Bleaching is a nightmare! I've been through it once and as a result, I have attempted to avoid it in every way possible. but I have just one problem... My hair is blue and I want it to be purple So after a night of googling for alternatives I saw lots of people suggesting bleach powder or lighteners, all things I'd toyed with in the past and will never touch again. But then something caught my eye How to: Remove Hair Dye, a post made by a British company named Superdrug (which i once spilt an entire iced coffee in and ran, sorry bye), so i looked into it. This post claimed that all I'd need would be shampoo and vitamin C tablets, and since vitamin c is quite good for your hair I decided to try it out on my own. So I now I know your wondering, I'm not some big company, how exactly does one ACTUALLY do this? Well, I'm going to tell you on today's episode of "Reanna the extremely amateur hair technician". The first thing I have to stress is the type of vitamin c you get! It has to be actual tablets, not chewable ones (I guarantee its awful if you use chewables), besides that it really doesn't matter what brand you get as long as they're the powery type tablets that I have in the image below. Also the amount is not really set, I used about 2 tablespoons of them because I have lots of hair and I wanted to guarantee full coverage. Optional Step 0.1: The day or night before you attempt this, try a homemade coconut oil, honey and olive oil hair mask to strengthen hair and make it shiny! I do these one a week and it keeps my hair from looking fried! Step 1: Crush the Vitamin C Tablets In my research I saw that you can purchase vitamin c powder but I couldn't find any so we have to do it the old fashioned way! For this step, many places online will suggest using a pestle and mortar but I don't, and probably never will, own one so I improvised like the trash human I am. Needed: One wine bottle and vitamin c tablets
Step 2: Mixing time! This step requires you to mix your tablets and shampoo together! I've been told by the internet and a friend that Head and Shoulders Shampoo is the way to go when washing colour out of your hair so I grabbed a bottle of their super dandruff fighting shampoo (that I definitely did not already have in the house because I do not have dandruff I swear). Needed: Crushed vitamin c tablet powder, head and shoulders (or dandruff) shampoo, a dish and mixing utensil. Before I started I switched the powder into a non-fancy dishwasher safe bowl to make clean up easier and grabbed a tiny spoon to help mix everything together! I put about a quarter cup of shampoo into the bowl and began to stir, making sure that all the vitamin c powder got mixed in. Make sure you add or add less, depending on how much hair you need to fade. This took about 3-4 minutes of serious mixing and adding of shampoo to get the right consistency. You'll notice the shampoo changes in consistency, its a little thicker and stickier. Step 3: Put it on your hair! Needed: A "time to dye" shirt, a hairbrush or comb, hair ties, and (optional) an applicator brush
3.1 Optional step: Once you've slathered it throughout all your coloured areas, I put in a little bit more shampoo all over my head just to ensure that everything is covered and saturated! Step 4: Pull everything back and wait! Some people like to put their hair in a shower cap, but I generally just pull my hair back into a low bun and flip my bangs up with the help of whatever mixture I'm putting in my hair.
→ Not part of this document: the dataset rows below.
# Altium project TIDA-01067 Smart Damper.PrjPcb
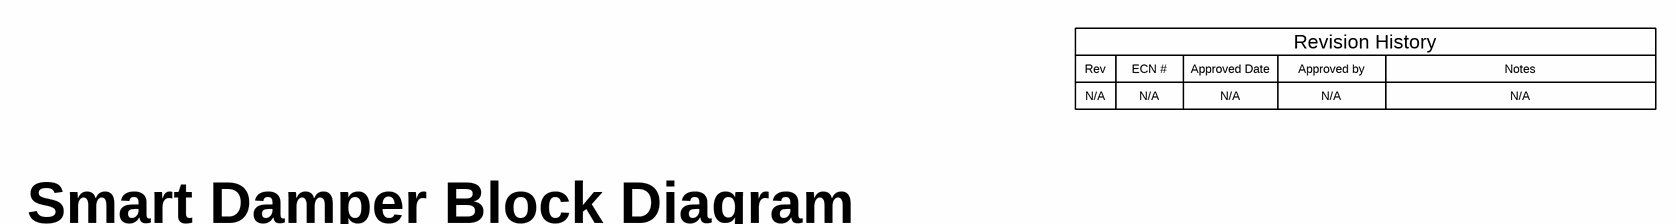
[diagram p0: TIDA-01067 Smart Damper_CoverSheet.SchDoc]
CopyrightYear: 2016; Orderable: N/A; PCB_Layout: Krypton Solutions/RS; PCB_Rev: A; PRJ_Customer: Public Release; PRJ_Engineer: Jarrod Krebs; PRJ_Number: TIDA-01067; PRJ_Title: TIDA-01067 Smart Damper; SCH_Rev: A; TechSupport: http://www.ti.com/support; TID: 01067
4 sheets, 103 parts. Net scope: global (net labels, ports and power ports of the same name join across sheets).
Board file: TIDA-01067 Smart Damper.PcbDoc
Sheets:
  TIDA-01067 Smart Damper_CoverSheet.SchDoc
  TIDA-01067 Smart Damper_Hardware.SchDoc
  TIDA-01067 Smart Damper_Sheet1.SchDoc
  TIDA-01067 Smart Damper_Sheet2.SchDoc

## Sheet TIDA-01067 Smart Damper_CoverSheet.SchDoc: Cover
size 431 x 279 mm; Date: Not shown in title block; ApprovedBy: Not shown in title block; CheckedBy: Not shown in title block; Author: Not shown in title block; CompanyName: Not shown in title block; Engineer: Not shown in title block; Organization: Not shown in title block; Address1: Not shown in title block; Address2: Not shown in title block; Address3: Not shown in title block; Address4: Not shown in title block; DocumentNumber: 1; Revision: Use project parameter SCH_Rev; SheetNumber: 1; SheetTotal: 4; PageSetup: Record=PageOptions¦CenterHorizontal=True¦CenterVertical=True¦PrintScale=1.00¦XCorrection=1.00¦YCorrection=1.00¦PrintKind=0¦BorderSize=5000000¦LeftOffset=0¦BottomOffset=0¦Orientation=2¦PaperLength=1000¦PaperWidth=1000¦Scale=100¦PaperSource=15¦PrintQuality=-3¦MediaType=1¦DitherType=10¦PrintScaleMode=1¦PaperKind=Letter¦PaperIndex=1

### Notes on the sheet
- Rev
- N/A
- ECN #
- Approved Date
- Approved by
- Revision History
- Notes
- Smart Damper Block Diagram

## Sheet TIDA-01067 Smart Damper_Hardware.SchDoc: Hardware
size 431 x 279 mm; Date: Not shown in title block; ApprovedBy: Not shown in title block; CheckedBy: Not shown in title block; Author: Not shown in title block; CompanyName: Not shown in title block; Engineer: Not shown in title block; Organization: Not shown in title block; Address1: Not shown in title block; Address2: Not shown in title block; Address3: Not shown in title block; Address4: Not shown in title block; DocumentNumber: 4; Revision: Use project parameter SCH_Rev; SheetNumber: 4; SheetTotal: 4; PageSetup: Record=PageOptions¦CenterHorizontal=True¦CenterVertical=True¦PrintScale=1.00¦XCorrection=1.00¦YCorrection=1.00¦PrintKind=0¦BorderSize=5000000¦LeftOffset=0¦BottomOffset=0¦Orientation=2¦PaperLength=1000¦PaperWidth=1000¦Scale=100¦PaperSource=15¦PrintQuality=600¦MediaType=1¦DitherType=10¦PaperKind=Letter¦PrintScaleMode=1
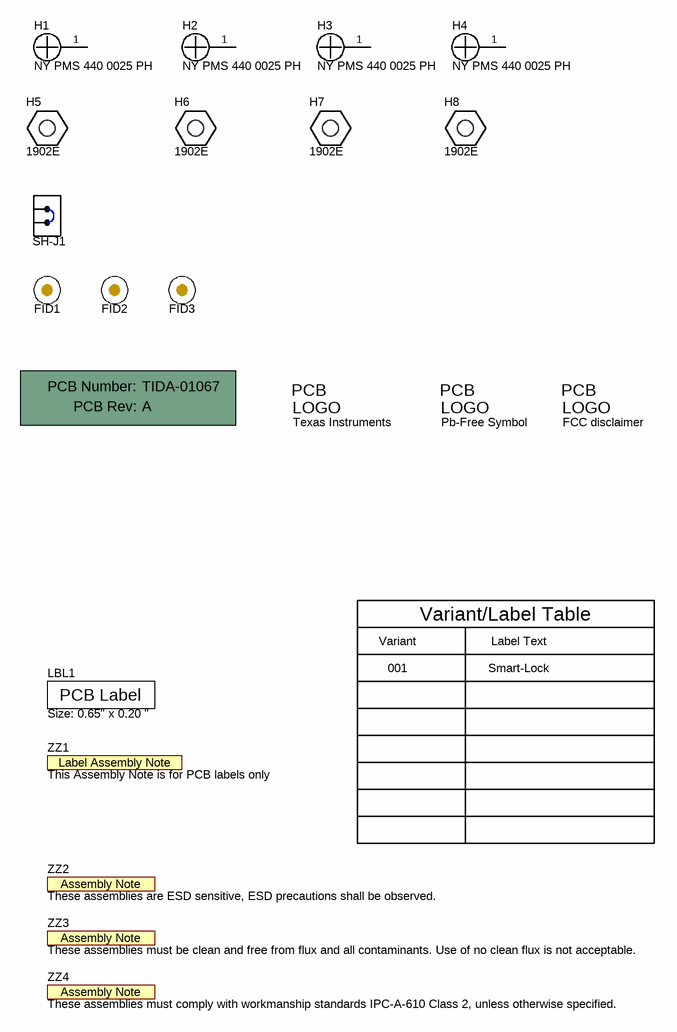
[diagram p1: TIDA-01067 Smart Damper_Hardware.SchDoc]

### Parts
!PCB1  Printed Circuit Board  (value not drawn)  (mechanical)
FID1  Fiducial  [Fiducial10-20]  (value not drawn)
FID2  Fiducial  [Fiducial10-20]  (value not drawn)
FID3  Fiducial  [Fiducial10-20]  (value not drawn)
H1  NY PMS 440 0025 PH  [NY PMS 440 0025 PH]
H2  NY PMS 440 0025 PH  [NY PMS 440 0025 PH]
H3  NY PMS 440 0025 PH  [NY PMS 440 0025 PH]
H4  NY PMS 440 0025 PH  [NY PMS 440 0025 PH]
H5  1902E  [Keystone_1902E]
H6  1902E  [Keystone_1902E]
H7  1902E  [Keystone_1902E]
H8  1902E  [Keystone_1902E]
LBL1  Size: 0.65" x 0.20 "  [Label_650x200]
Logo1  Texas Instruments  [TI_Stacked_Overlay_Small]  (no BOM)
Logo2  Pb-Free Symbol  [Pb-Free_Overlay_Small]  (no BOM)
Logo3  FCC disclaimer  [FCC_disclaimer]  (no BOM)
SH-J1  969102-0000-DA  [SNT-100-BK-G]  (value not drawn)
ZZ1  This Assembly Note is for PCB labels only  [AssemblyNoteLabel]  (no BOM)
ZZ2  These assemblies are ESD sensitive, ESD precautions shall be observed.  [AssemblyNote]  (no BOM)
ZZ3  These assemblies must be clean and free from flux and all contaminants. Use of no clean flux is not acceptable.  [AssemblyNote]  (no BOM)
ZZ4  These assemblies must comply with workmanship standards IPC-A-610 Class 2, unless otherwise specified.  [AssemblyNote]  (no BOM)

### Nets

Not connected (* = marked no-connect by the designer): H1 1; H2 1; H3 1; H4 1

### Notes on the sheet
- Variant
- Variant/Label Table
- Label Text
- 001
- Smart-Lock

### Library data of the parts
!PCB1 = PCB: Manufacturer: Any; PartNumber: TIDA-01067; SymbolCreator: a0412235
FID1-FID3 = Fiducial: Fiducial mark.  There is nothing to buy or mount.; SymbolCreator: codlsc
H1-H4 = NY PMS 440 0025 PH: Machine Screw, Round, #4-40 x 1/4, Nylon, Philips panhead; Manufacturer: B&F Fastener Supply; CompType: Hardware; SymbolCreator: codlsc; U/M: EA
H5-H8 = 1902E: Standoff, Hex, 1"L #4-40 Nylon; Manufacturer: Keystone; CompType: Hardware; SymbolCreator: a0412235
LBL1 = THT-14-423-10: Thermal Transfer Printable Labels, 0.650" W x 0.200" H - 10,000 per roll; Manufacturer: Brady; SymbolCreator: a0412235; CompType: Label
Logo1 = TI_Logo: Texas Instrument Corporate Signature; SymbolCreator: codlsc
Logo2 = Pb-Free: SymbolCreator: a0412235
Logo3 = FCC_disclaimer: SymbolCreator: codlsc
SH-J1 = 969102-0000-DA: Shunt, 100mil, Gold plated, Black; Manufacturer: 3M; Alternate Manufacturer: Samtec; Value: 1x2; Note: You can "mate" this to a header by matching the designator.  i.e. use SH-J3 for header J3
ZZ1 = AssemblyNoteLabel: SymbolCreator: a0412235
ZZ2-ZZ4 = AssemblyNote: SymbolCreator: codlsc

## Sheet TIDA-01067 Smart Damper_Sheet1.SchDoc: Schematic
size 431 x 279 mm; Date: Not shown in title block; ApprovedBy: Not shown in title block; CheckedBy: Not shown in title block; Author: Not shown in title block; CompanyName: Not shown in title block; DrawnBy: Aramis P. Alvarez; Engineer: Not shown in title block; Organization: Not shown in title block; Address1: Not shown in title block; Address2: Not shown in title block; Address3: Not shown in title block; Address4: Not shown in title block; DocumentNumber: 2; Revision: Use project parameter SCH_Rev; SheetNumber: 2; SheetTotal: 4; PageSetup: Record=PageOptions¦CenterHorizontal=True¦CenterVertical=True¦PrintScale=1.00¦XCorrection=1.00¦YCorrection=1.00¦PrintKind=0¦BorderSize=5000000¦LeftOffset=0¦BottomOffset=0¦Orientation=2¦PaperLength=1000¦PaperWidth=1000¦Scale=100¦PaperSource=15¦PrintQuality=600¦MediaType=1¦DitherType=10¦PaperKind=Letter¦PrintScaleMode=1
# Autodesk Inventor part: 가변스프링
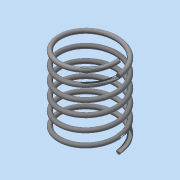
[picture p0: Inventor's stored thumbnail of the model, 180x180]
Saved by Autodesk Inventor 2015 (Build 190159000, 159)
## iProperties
Created: 2018-02
Part Number: 가변스프링
Material: 일반
Document SubType Name: Modeling
Designer: SCD-A011
Density: 1 g/cm^3
Appearance: 기본값
Mass: 5.27371 g
Surface Area: 70.9945 cm^2
Volume: 5.27371 cm^3
Author: SCD-A011
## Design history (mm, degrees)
sketch "스케치1"
  geometry: L1 (0, 0)-(-20, 0); L2 (-20, 0)-(-20, -55.25); L3 (-20, -55.25)-(0, -55.25); L4 (0, -55.25)-(0, 0); C1 r 1.5 at (-20, 0)
  constraints: 8 end point, 2 parallel, 1 centre point, 1 coincident, 1 horizontal, 1 perpendicular
  dimensions: "d0" = 40 diameter of L2 L4; "d1" = 55.25 distance of L1.end L2.end (derived); "d2" = 3 diameter of C1
feature "코일1" pitch "d3" = 10; turns "d5" = 6; dims "d4" = 55.25 (= d1), "d6" = 0, angle "d7" = 90 deg, angle "d8" = 90 deg, "d9" = 0, "d10" = 0
sketch "스케치2"
  geometry: L1 (18.5, 0)-(21.5, 0) reference; 1 further point
  constraints: 1 horizontal alignment
extrude "돌출1" cut sketch "스케치2" distance "d11" = 10; taper "d12" = 0 deg
node "작업 평면1"
sketch "스케치3"
  geometry: L1 (1.5, 0)-(-1.5, 0) reference; 1 further point
  constraints: 1 horizontal alignment
extrude "돌출2" cut sketch "스케치3" distance "d14" = 10; taper "d15" = 0 deg
node "솔리드1"
node "절단 모서리 투영1"
node "절단 모서리 투영2"
other parameters: "d13" = 90 deg
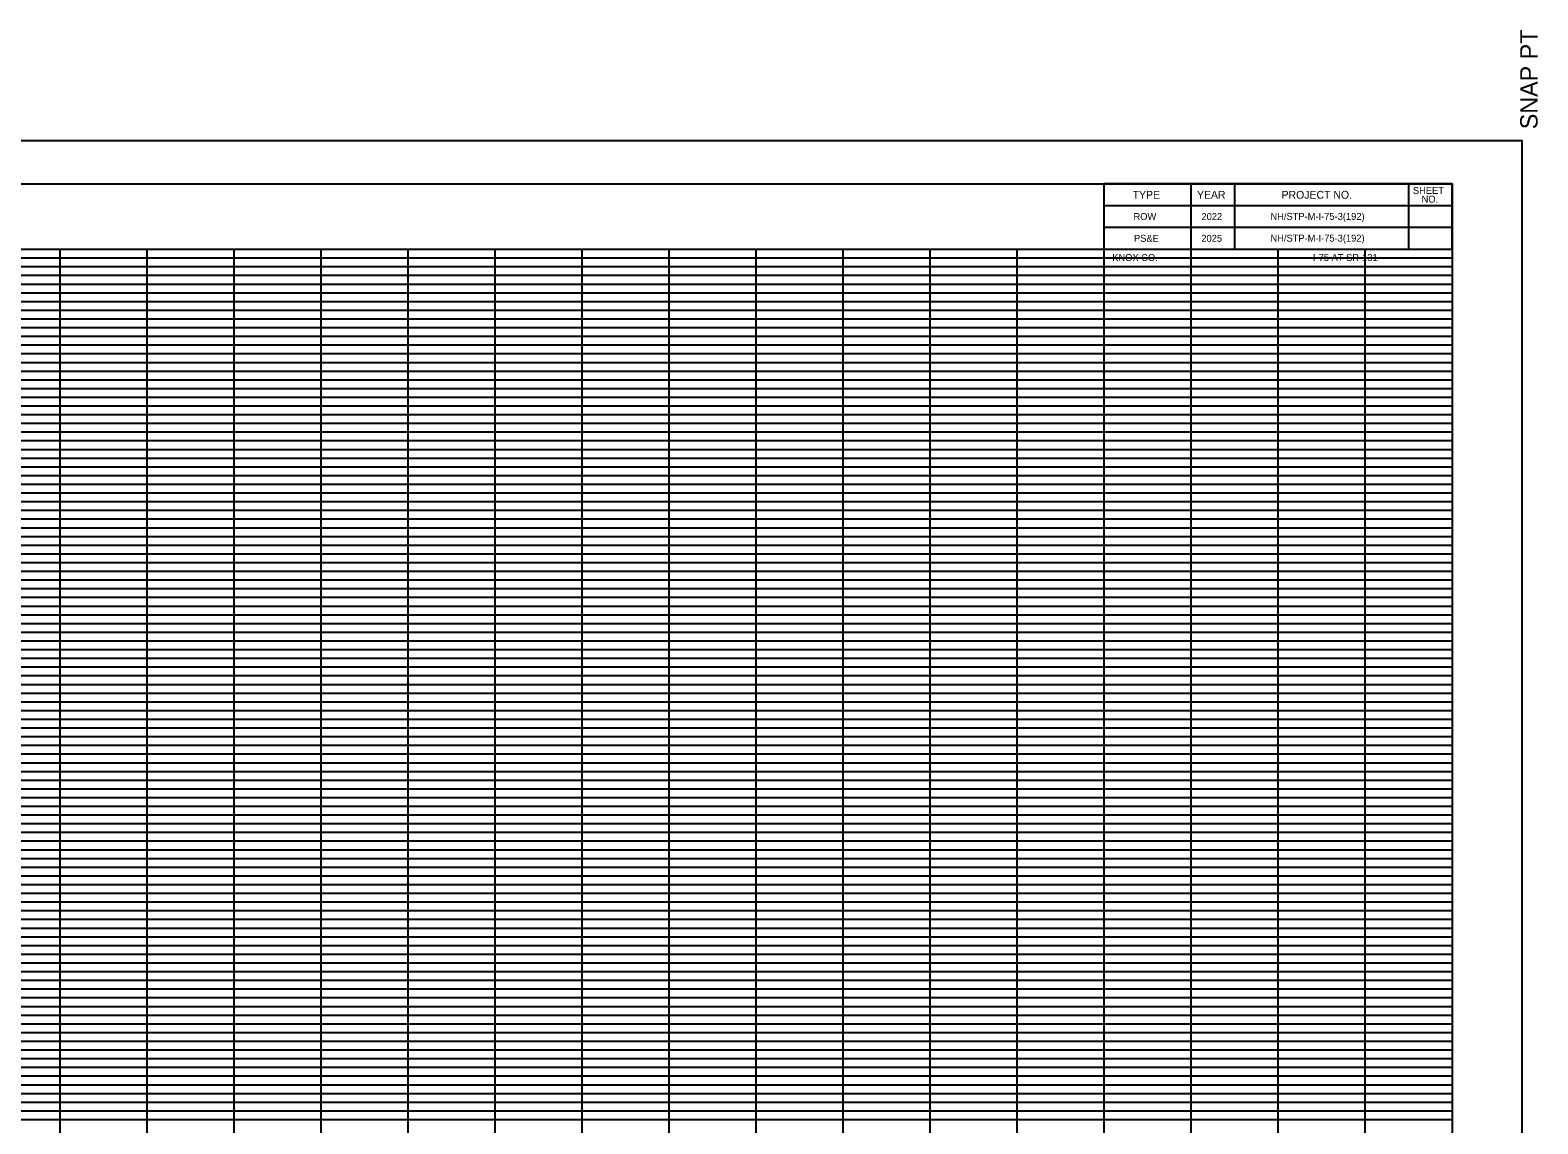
# Model space of a CAD drawing. Extents: x -1.4 to 33, y -2.5 to 22.5.
import ezdxf

# ---------------------------------------------------------------- set-up
doc = ezdxf.new("R2010")
doc.units = 0
for name, color, linetype in [('DESIGN - SCRATCH - User 1', 7, 'Continuous'), ('DESIGN - SHEET - Corner Text', 7, 'Continuous'), ('DESIGN - SHEET - Light Grid', 7, 'Continuous'), ('DESIGN - SHEET - Linework', 7, 'Continuous'), ('DESIGN - SHEET - Plot Shape', 7, 'Continuous')]:
    doc.layers.add(name, color=color, linetype=linetype)

msp = doc.modelspace()

# ---------------------------------------------------------------- linework, layer by layer
at = {"layer": 'DESIGN - SCRATCH - User 1'}
for p, q in [((28.5, 20.375), (28.5, 20.375)), ((29.25, 20.375), (29.25, 20.375)), ((30.5, 20.375), (30.5, 20.375)), ((31.75, 20.375), (31.75, 20.375)), ((28.5, 20.125), (28.5, 20.125)), ((29.25, 20.125), (29.25, 20.125)), ((30.5, 20.125), (30.5, 20.125)), ((31.75, 20.125), (31.75, 20.125))]:
    msp.add_line(p, q, dxfattribs=at)
at = {"layer": 'DESIGN - SHEET - Light Grid'}
for p, q in [((0, 19.9), (32, 19.9)), ((0, 19.8), (32, 19.8)), ((0, 19.7), (32, 19.7)), ((0, 19.6), (32, 19.6)), ((0, 19.5), (32, 19.5)), ((0, 19.4), (32, 19.4)), ((0, 19.3), (32, 19.3)), ((0, 19.2), (32, 19.2)), ((0, 19.1), (32, 19.1)), ((0, 18.9), (32, 18.9)), ((0, 18.8), (32, 18.8)), ((0, 18.7), (32, 18.7)), ((0, 18.6), (32, 18.6)), ((0, 18.5), (32, 18.5)), ((0, 18.4), (32, 18.4)), ((0, 18.3), (32, 18.3)), ((0, 18.2), (32, 18.2)), ((0, 18.1), (32, 18.1)), ((0, 17.9), (32, 17.9)), ((0, 17.8), (32, 17.8)), ((0, 17.7), (32, 17.7)), ((0, 17.6), (32, 17.6)), ((0, 17.5), (32, 17.5)), ((0, 17.4), (32, 17.4)), ((0, 17.3), (32, 17.3)), ((0, 17.2), (32, 17.2)), ((0, 17.1), (32, 17.1)), ((0, 16.9), (32, 16.9)), ((0, 16.8), (32, 16.8)), ((0, 16.7), (32, 16.7)), ((0, 16.6), (32, 16.6)), ((0, 16.5), (32, 16.5)), ((0, 16.4), (32, 16.4)), ((0, 16.3), (32, 16.3)), ((0, 16.2), (32, 16.2)), ((0, 16.1), (32, 16.1)), ((0, 15.9), (32, 15.9)), ((0, 15.8), (32, 15.8)), ((0, 15.7), (32, 15.7)), ((0, 15.6), (32, 15.6)), ((0, 15.5), (32, 15.5)), ((0, 15.4), (32, 15.4)), ((0, 15.3), (32, 15.3)), ((0, 15.2), (32, 15.2)), ((0, 15.1), (32, 15.1)), ((0, 14.9), (32, 14.9)), ((0, 14.8), (32, 14.8)), ((0, 14.7), (32, 14.7)), ((0, 14.6), (32, 14.6)), ((0, 14.5), (32, 14.5)), ((0, 14.4), (32, 14.4)), ((0, 14.3), (32, 14.3)), ((0, 14.2), (32, 14.2)), ((0, 14.1), (32, 14.1)), ((0, 13.9), (32, 13.9)), ((0, 13.8), (32, 13.8)), ((0, 13.7), (32, 13.7)), ((0, 13.6), (32, 13.6)), ((0, 13.5), (32, 13.5)), ((0, 13.4), (32, 13.4)), ((0, 13.3), (32, 13.3)), ((0, 13.2), (32, 13.2)), ((0, 13.1), (32, 13.1)), ((0, 12.9), (32, 12.9)), ((0, 12.8), (32, 12.8)), ((0, 12.7), (32, 12.7)), ((0, 12.6), (32, 12.6)), ((0, 12.5), (32, 12.5)), ((0, 12.4), (32, 12.4)), ((0, 12.3), (32, 12.3)), ((0, 12.2), (32, 12.2)), ((0, 12.1), (32, 12.1)), ((0, 11.9), (32, 11.9)), ((0, 11.8), (32, 11.8)), ((0, 11.7), (32, 11.7)), ((0, 11.6), (32, 11.6)), ((0, 11.5), (32, 11.5)), ((0, 11.4), (32, 11.4)), ((0, 11.3), (32, 11.3)), ((0, 11.2), (32, 11.2)), ((0, 11.1), (32, 11.1)), ((0, 10.9), (32, 10.9)), ((0, 10.8), (32, 10.8)), ((0, 10.7), (32, 10.7)), ((0, 10.6), (32, 10.6)), ((0, 10.5), (32, 10.5)), ((0, 10.4), (32, 10.4)), ((0, 10.3), (32, 10.3)), ((0, 10.2), (32, 10.2)), ((0, 10.1), (32, 10.1))]:
    msp.add_line(p, q, dxfattribs=at)
at = {"layer": 'DESIGN - SHEET - Linework'}
for p, q in [((32, 20.75), (28, 20.75)), ((28, 20), (28, 20.75)), ((29, 20), (29, 20.75)), ((29.5, 20), (29.5, 20.75)), ((31.5, 20), (31.5, 20.75)), ((32, 20), (32, 20.75)), ((32, 20.5), (28, 20.5)), ((32, 20.25), (28, 20.25)), ((0, 20), (32, 20)), ((16, 0), (16, 20)), ((17, 0), (17, 20)), ((18, 0), (18, 20)), ((19, 0), (19, 20)), ((20, 0), (20, 20)), ((21, 0), (21, 20)), ((22, 0), (22, 20)), ((23, 0), (23, 20)), ((24, 0), (24, 20)), ((25, 0), (25, 20)), ((26, 0), (26, 20)), ((27, 0), (27, 20)), ((28, 0), (28, 20)), ((29, 0), (29, 20)), ((30, 0), (30, 20)), ((31, 0), (31, 20)), ((0, 19), (32, 19)), ((0, 18), (32, 18)), ((0, 17), (32, 17)), ((0, 16), (32, 16)), ((0, 15), (32, 15)), ((0, 14), (32, 14)), ((0, 13), (32, 13)), ((0, 12), (32, 12)), ((0, 11), (32, 11)), ((0, 10), (32, 10))]:
    msp.add_line(p, q, dxfattribs=at)
msp.add_lwpolyline([(0, 20.75), (32, 20.75), (32, -0.25), (0, -0.25)], close=True, dxfattribs=at)
at = {"layer": 'DESIGN - SHEET - Plot Shape'}
msp.add_lwpolyline([(-1.2, 21.25), (32.8, 21.25), (32.8, -0.75), (-1.2, -0.75)], close=True, dxfattribs=at)

# ---------------------------------------------------------------- texts
at = {"layer": 'DESIGN - SHEET - Corner Text'}
msp.add_text('  SNAP PT', height=0.2, rotation=90, dxfattribs=at).set_placement((32.98, 21.23))
for s, p in [('  ROW  ', (28.277, 20.335)), ('2022', (29.117, 20.335)), ('NH/STP-M-I-75-3(192)', (29.91, 20.337)), ('PS&E', (28.342, 20.085)), ('2025', (29.116, 20.085)), ('NH/STP-M-I-75-3(192)', (29.91, 20.087)), ('KNOX CO.                                                            I-75 AT SR-131', (28.092, 19.864))]:
    msp.add_text(s, height=0.08, dxfattribs=at).set_placement(p)
at = {"layer": 'DESIGN - SHEET - Light Grid'}
for s, height, p in [('TYPE', 0.09, (28.326, 20.58)), ('YEAR', 0.09, (29.066, 20.58)), ('PROJECT NO.', 0.09, (30.038, 20.58)), ('SHEET', 0.08, (31.547, 20.635)), ('NO.', 0.08, (31.647, 20.535))]:
    msp.add_text(s, height=height, dxfattribs=at).set_placement(p)

doc.saveas('drawing.dxf')

So while you're waiting make a cup of tea and pull up an episode of black mirror, or play a day or two on stardew valley. The nice thing about this mixture is that it isn't drippy and you can sit quite comfortably with it in your hair for long periods of time. I actually wrote this blog while waiting, and now I'm about to find out the results! Be right back!! Step 5: Washing it out Make sure you have a dark or throw away towel for any dye that might come off and use hot water to help make the colour fade! Needed: A dark towel, head and shoulders, coconut oil/hair mask, conditioner So I'm back, after waiting another 30 minutes, because I'm a little extra, I washed out the mixture. I was shocked to find that there was very little dye coming out of my hair. So I went ahead and did two shampoos with the head and shoulders shampoo i used earlier and then added coconut oil to my hair to help with any damage that might have been done to my hair in the process.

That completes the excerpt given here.